As a sophomore in 2012, Bridgewater started 11 of 12 regular season games. In his only non-starting action, coming off the bench while injured against Rutgers, Bridgewater led his team to a win, a Big East title, and a berth to the BCS. He finished the regular season completing 267-of-387 passes for 3,452 yards, 25 touchdowns, and seven interceptions.

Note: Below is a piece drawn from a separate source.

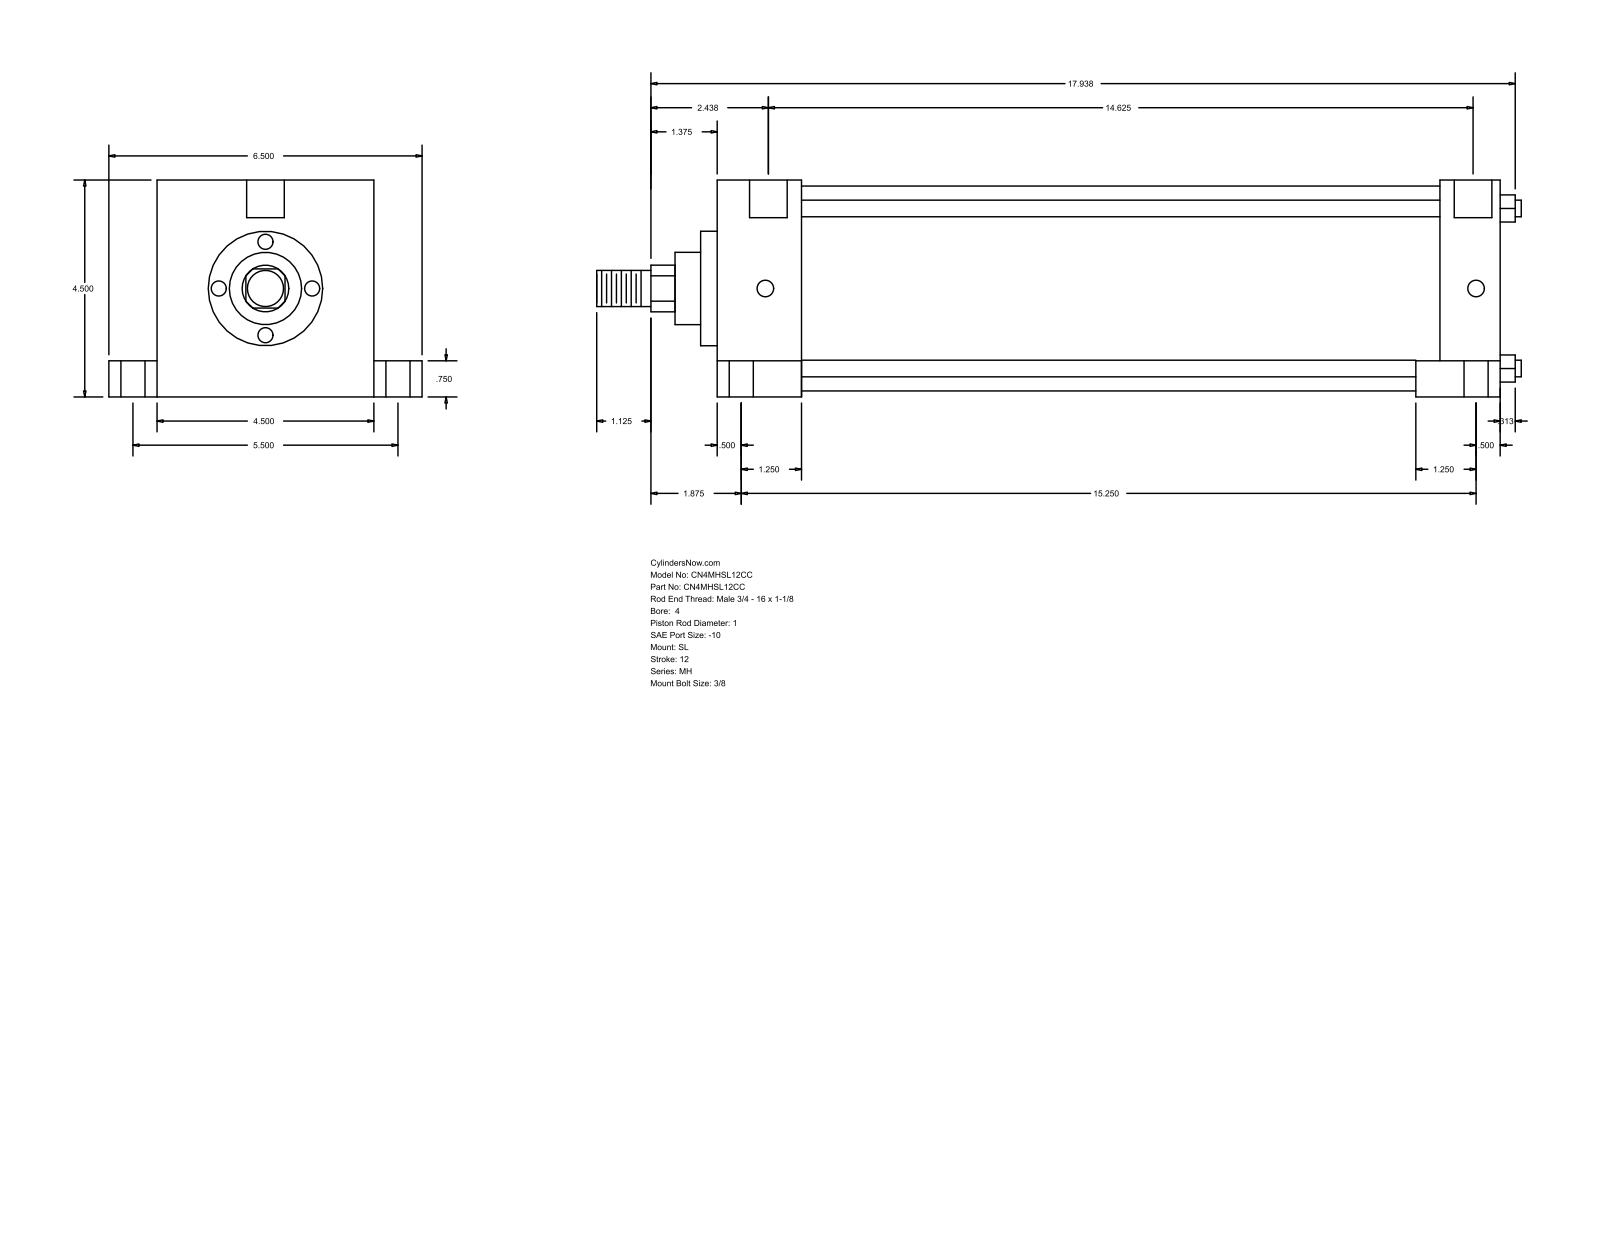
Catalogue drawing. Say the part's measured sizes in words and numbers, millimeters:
The part is named "MH_SL__0400_1". Its 3-D file was written by "GSSL Pune (CONFIG_CONTROL_DESIGN)". It is 0 solids with 110 faces: 77 planar, 33 cylindrical and 0 other. Overall it measures 487.36 by 165.1 by 114.3 millimeters. Round holes: 4 of diameter 8.73, 4 of diameter 12.7, 4 of diameter 19.05, 2 of diameter 19.84. Round bosses or shafts: 4 of diameter 8.76, 1 of diameter 107.95, 1 of diameter 60.33, 1 of diameter 38.1, 1 of diameter 25.4, 1 of diameter 19.05. Partial cylindrical surfaces (rounded edges, fillets, slot ends): 1 of radius 12.29. The main face-to-face distances are 114.3, 412.76, 44.46, 368.3, 381.01, 336.55, 31.75, 25.4, 139.7, 19.05. The hole center spacings are 69.85, 69.87, 71, 71.3, 139.7, 374.65, 379.55, 381.11.

Bridgewater finished sixth in the nation in completion percentage, eighth in yards per attempt, and seventh in passing efficiency. For his play, Bridgewater was named the Big East Offensive Player of the Year.

The Cardinals entered the 2013 Sugar Bowl against the Florida Gators as decided underdogs. Although Florida boasted the nation's #1 pass efficiency defense, Bridgewater passed for 266 yards and two touchdowns to become the game's MVP during a 33–23 victory.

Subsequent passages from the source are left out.